-------- Data provided --------
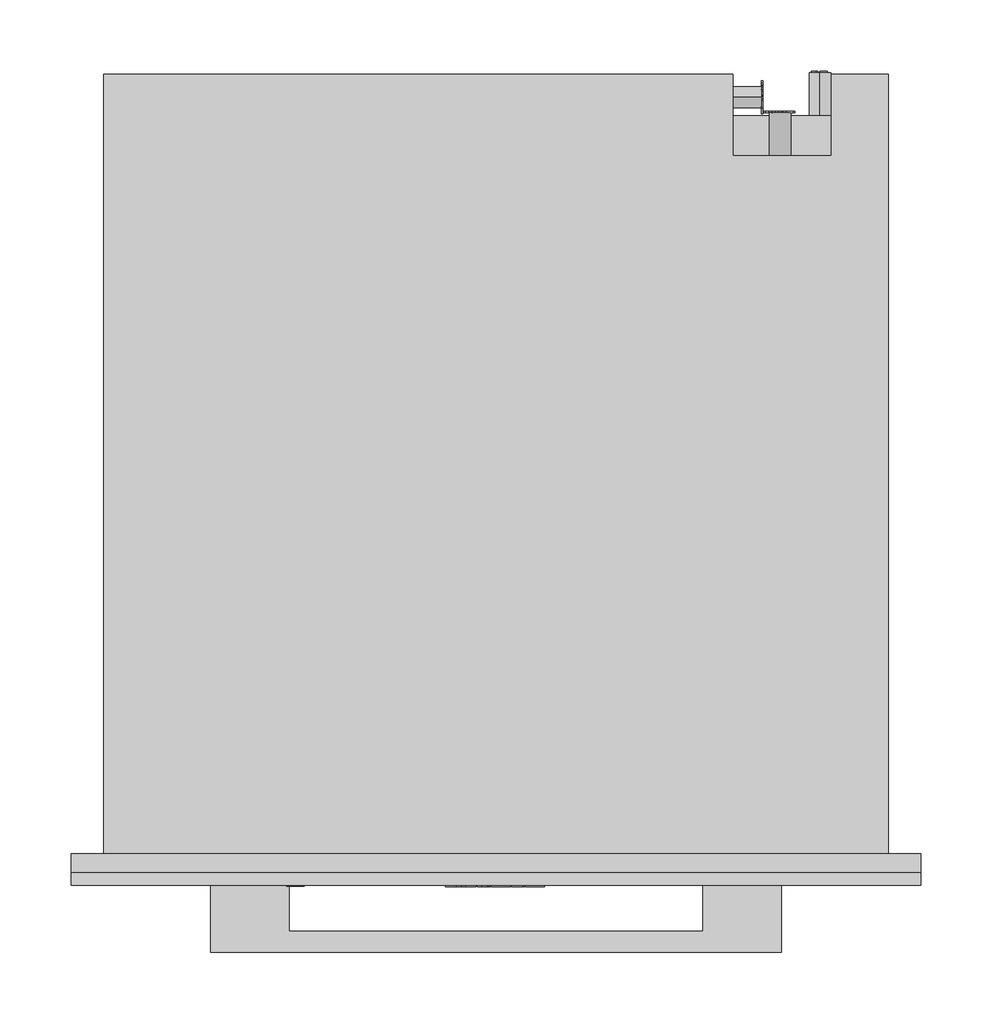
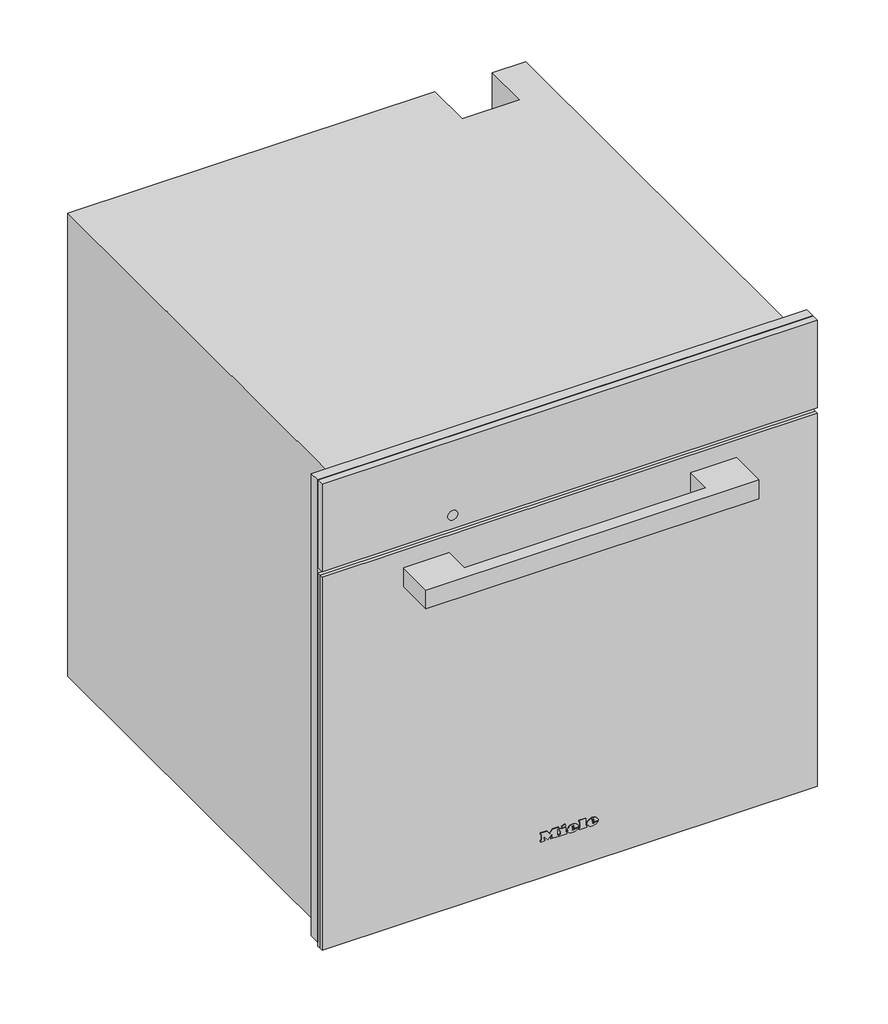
# Not in any storey: 1 proxy.
"""IFC4 building model written with IfcOpenShell, lengths in millimetres."""

import ifcopenshell
import ifcopenshell.guid

model = None  # the IFC model being written
_history = None  # IfcOwnerHistory: only IFC2X3 demands one
_inside = {}  # id of a spatial element -> (the spatial element, [elements in it])
_under = {}  # id of a project, library or spatial element -> (it, [spatial elements below it])
_declared = {}  # id of a project -> (the project, [libraries it declares])
_typed = {}  # id of a type object -> (the type object, [elements of that type])
_made_of = {}  # id of a material, layer set ... -> (it, [elements and type objects made of it])


def new_model(schema):
    """Start an empty IFC model of exactly this schema.

    Asked for "IFC4X3", IfcOpenShell would pick the latest addendum, in which some entities
    have other attributes; the version numbers below select the first issue.
    IFC2X3 requires an IfcOwnerHistory on every rooted entity: one is made here for all.
    """
    global model, _history
    if schema == "IFC4X3":
        model = ifcopenshell.file(schema_version=(4, 3, 0, 0))
    else:
        model = ifcopenshell.file(schema=schema)
    _inside.clear()
    _under.clear()
    _declared.clear()
    _typed.clear()
    _made_of.clear()
    _history = None
    if model.schema == "IFC2X3":
        org = make("IfcOrganization", Name="unknown")
        user = make(
            "IfcPersonAndOrganization",
            ThePerson=make("IfcPerson", FamilyName="unknown"),
            TheOrganization=org,
        )
        app = make(
            "IfcApplication",
            ApplicationDeveloper=org,
            Version="unknown",
            ApplicationFullName="unknown",
            ApplicationIdentifier="unknown",
        )
        _history = make(
            "IfcOwnerHistory",
            OwningUser=user,
            OwningApplication=app,
            ChangeAction="ADDED",
            CreationDate=0,
        )
    return model


def make(cls, **values):
    """One entity of the class cls with the attributes given. An attribute that is None is left unset."""
    return model.create_entity(
        cls, **{name: value for name, value in values.items() if value is not None}
    )


def rooted(cls, **values):
    """An entity with a GlobalId (a new one), such as an element, a storey or a relation."""
    return make(cls, GlobalId=ifcopenshell.guid.new(), OwnerHistory=_history, **values)


def si_unit(unit_type, name, prefix=None):
    """IfcSIUnit, for example si_unit("LENGTHUNIT", "METRE", prefix="MILLI")."""
    return make("IfcSIUnit", UnitType=unit_type, Prefix=prefix, Name=name)


def assignment(units):
    """IfcUnitAssignment: the units of a project."""
    return None if units is None else make("IfcUnitAssignment", Units=units)


def point(xyz):
    """IfcCartesianPoint."""
    return None if xyz is None else make("IfcCartesianPoint", Coordinates=xyz)


def direction(xyz):
    """IfcDirection."""
    return None if xyz is None else make("IfcDirection", DirectionRatios=xyz)


def frame(location, z_axis=None, x_axis=None):
    """IfcAxis2Placement3D, a coordinate frame: its origin and axes. An axis left out is left unset."""
    return make(
        "IfcAxis2Placement3D",
        Location=point(location),
        Axis=direction(z_axis),
        RefDirection=direction(x_axis),
    )


def frame_2d(location, x_axis=None):
    """IfcAxis2Placement2D, a coordinate frame in the plane: its origin and x axis."""
    return make(
        "IfcAxis2Placement2D", Location=point(location), RefDirection=direction(x_axis)
    )


def origin():
    """The frame at (0, 0, 0) with its axes left unset."""
    return frame((0.0, 0.0, 0.0))


def place(relative_to, where):
    """IfcLocalPlacement: puts the frame where relative to a parent placement (None: the world)."""
    return make(
        "IfcLocalPlacement", PlacementRelTo=relative_to, RelativePlacement=where
    )


def context(
    kind, dimensions, precision=None, world=None, true_north=None, identifier=None
):
    """IfcGeometricRepresentationContext, for example the 3D "Model" context."""
    return make(
        "IfcGeometricRepresentationContext",
        ContextIdentifier=identifier,
        ContextType=kind,
        CoordinateSpaceDimension=dimensions,
        Precision=precision,
        WorldCoordinateSystem=world,
        TrueNorth=true_north,
    )


def project(units=None, contexts=None):
    """IfcProject with its units and contexts."""
    return rooted(
        "IfcProject",
        Name="project",
        RepresentationContexts=contexts,
        UnitsInContext=assignment(units),
    )


def spatial(cls, under=None, at=None, **own):
    """A site, building, storey or space (cls), placed at a placement, below another one or the project."""
    s = rooted(cls, ObjectPlacement=at, **own)
    if under is not None:
        _under.setdefault(under.id(), (under, []))[1].append(s)
    return s


def polyline(points):
    """IfcPolyline through the points."""
    return make("IfcPolyline", Points=[point(p) for p in points])


def circle_curve(where, radius):
    """IfcCircle in the frame where."""
    return make("IfcCircle", Position=where, Radius=radius)


def ellipse_curve(where, semi_axis1, semi_axis2):
    """IfcEllipse in the frame where."""
    return make(
        "IfcEllipse", Position=where, SemiAxis1=semi_axis1, SemiAxis2=semi_axis2
    )


def trimmed(basis, trim1, trim2, sense, master):
    """IfcTrimmedCurve: the piece of a basis curve between two trims."""
    return make(
        "IfcTrimmedCurve",
        BasisCurve=basis,
        Trim1=trim1,
        Trim2=trim2,
        SenseAgreement=sense,
        MasterRepresentation=master,
    )


def segment(curve, same_sense, transition):
    """IfcCompositeCurveSegment."""
    return make(
        "IfcCompositeCurveSegment",
        Transition=transition,
        SameSense=same_sense,
        ParentCurve=curve,
    )


def composite_curve(segments, self_intersect=None):
    """IfcCompositeCurve: segments joined end to end."""
    return make("IfcCompositeCurve", Segments=segments, SelfIntersect=self_intersect)


def outline(outer, holes=None, kind="AREA"):
    """IfcArbitraryClosedProfileDef: a profile drawn as a closed curve; with holes, ...WithVoids."""
    if holes is None:
        return make("IfcArbitraryClosedProfileDef", ProfileType=kind, OuterCurve=outer)
    return make(
        "IfcArbitraryProfileDefWithVoids",
        ProfileType=kind,
        OuterCurve=outer,
        InnerCurves=holes,
    )


def extrude(swept, where, along, depth):
    """IfcExtrudedAreaSolid: the profile swept, set in the frame where, extruded along a direction by depth."""
    return make(
        "IfcExtrudedAreaSolid",
        SweptArea=swept,
        Position=where,
        ExtrudedDirection=direction(along),
        Depth=depth,
    )


def faces_of(points, faces, orient=None, outer=None):
    """IfcFace entities. A face is a list of loops; a loop is a list of indices into points, from 0.

    orient and outer hold one flag for each loop. By default every Orientation is true, the
    first loop of a face is its IfcFaceOuterBound and the others are IfcFaceBound.
    """
    made = []
    for i, loops in enumerate(faces):
        bounds = []
        for j, loop in enumerate(loops):
            is_outer = j == 0 if outer is None else outer[i][j]
            bounds.append(
                make(
                    "IfcFaceOuterBound" if is_outer else "IfcFaceBound",
                    Bound=make("IfcPolyLoop", Polygon=[points[k] for k in loop]),
                    Orientation=True if orient is None else orient[i][j],
                )
            )
        made.append(make("IfcFace", Bounds=bounds))
    return made


def faceted_brep(points, faces, orient=None, outer=None, voids=None):
    """IfcFacetedBrep: a solid bounded by flat faces; with voids (closed shells), ...WithVoids."""
    shared = [point(p) for p in points]
    hull = make("IfcClosedShell", CfsFaces=faces_of(shared, faces, orient, outer))
    if voids is None:
        return make("IfcFacetedBrep", Outer=hull)
    return make(
        "IfcFacetedBrepWithVoids",
        Outer=hull,
        Voids=[
            make(cls, CfsFaces=faces_of(shared, fs, o, b)) for cls, fs, o, b in voids
        ],
    )


def shape(context_of_items, identifier, shape_type, items):
    """IfcShapeRepresentation: the items that make up one representation, for example the "Body"."""
    return make(
        "IfcShapeRepresentation",
        ContextOfItems=context_of_items,
        RepresentationIdentifier=identifier,
        RepresentationType=shape_type,
        Items=items,
    )


def source(mapping_origin, context_of_items, identifier, shape_type, items):
    """IfcRepresentationMap: a shape defined once, which mapped items show again and again."""
    return make(
        "IfcRepresentationMap",
        MappingOrigin=mapping_origin,
        MappedRepresentation=shape(context_of_items, identifier, shape_type, items),
    )


def transform(
    local_origin,
    x_axis=None,
    y_axis=None,
    z_axis=None,
    scale=None,
    scale2=None,
    scale3=None,
    uniform=True,
):
    """IfcCartesianTransformationOperator3D, or its non-uniform kind. x_axis, y_axis, z_axis: its Axis1, 2, 3."""
    if uniform:
        return make(
            "IfcCartesianTransformationOperator3D",
            Axis1=direction(x_axis),
            Axis2=direction(y_axis),
            LocalOrigin=point(local_origin),
            Scale=scale,
            Axis3=direction(z_axis),
        )
    return make(
        "IfcCartesianTransformationOperator3DnonUniform",
        Axis1=direction(x_axis),
        Axis2=direction(y_axis),
        LocalOrigin=point(local_origin),
        Scale=scale,
        Axis3=direction(z_axis),
        Scale2=scale2,
        Scale3=scale3,
    )


def mapped(mapping_source, mapping_target):
    """IfcMappedItem: shows the shape of a source again, moved by a transform."""
    return make(
        "IfcMappedItem", MappingSource=mapping_source, MappingTarget=mapping_target
    )


def made_of(thing, what):
    """Note that an element or type object is made of a material, layer set ...; save() writes the relation."""
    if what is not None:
--------
Task: Working through the data above, find every line holding "first" and copy it.

Result:
    have other attributes; the version numbers below select the first issue.
    first loop of a face is its IfcFaceOuterBound and the others are IfcFaceBound.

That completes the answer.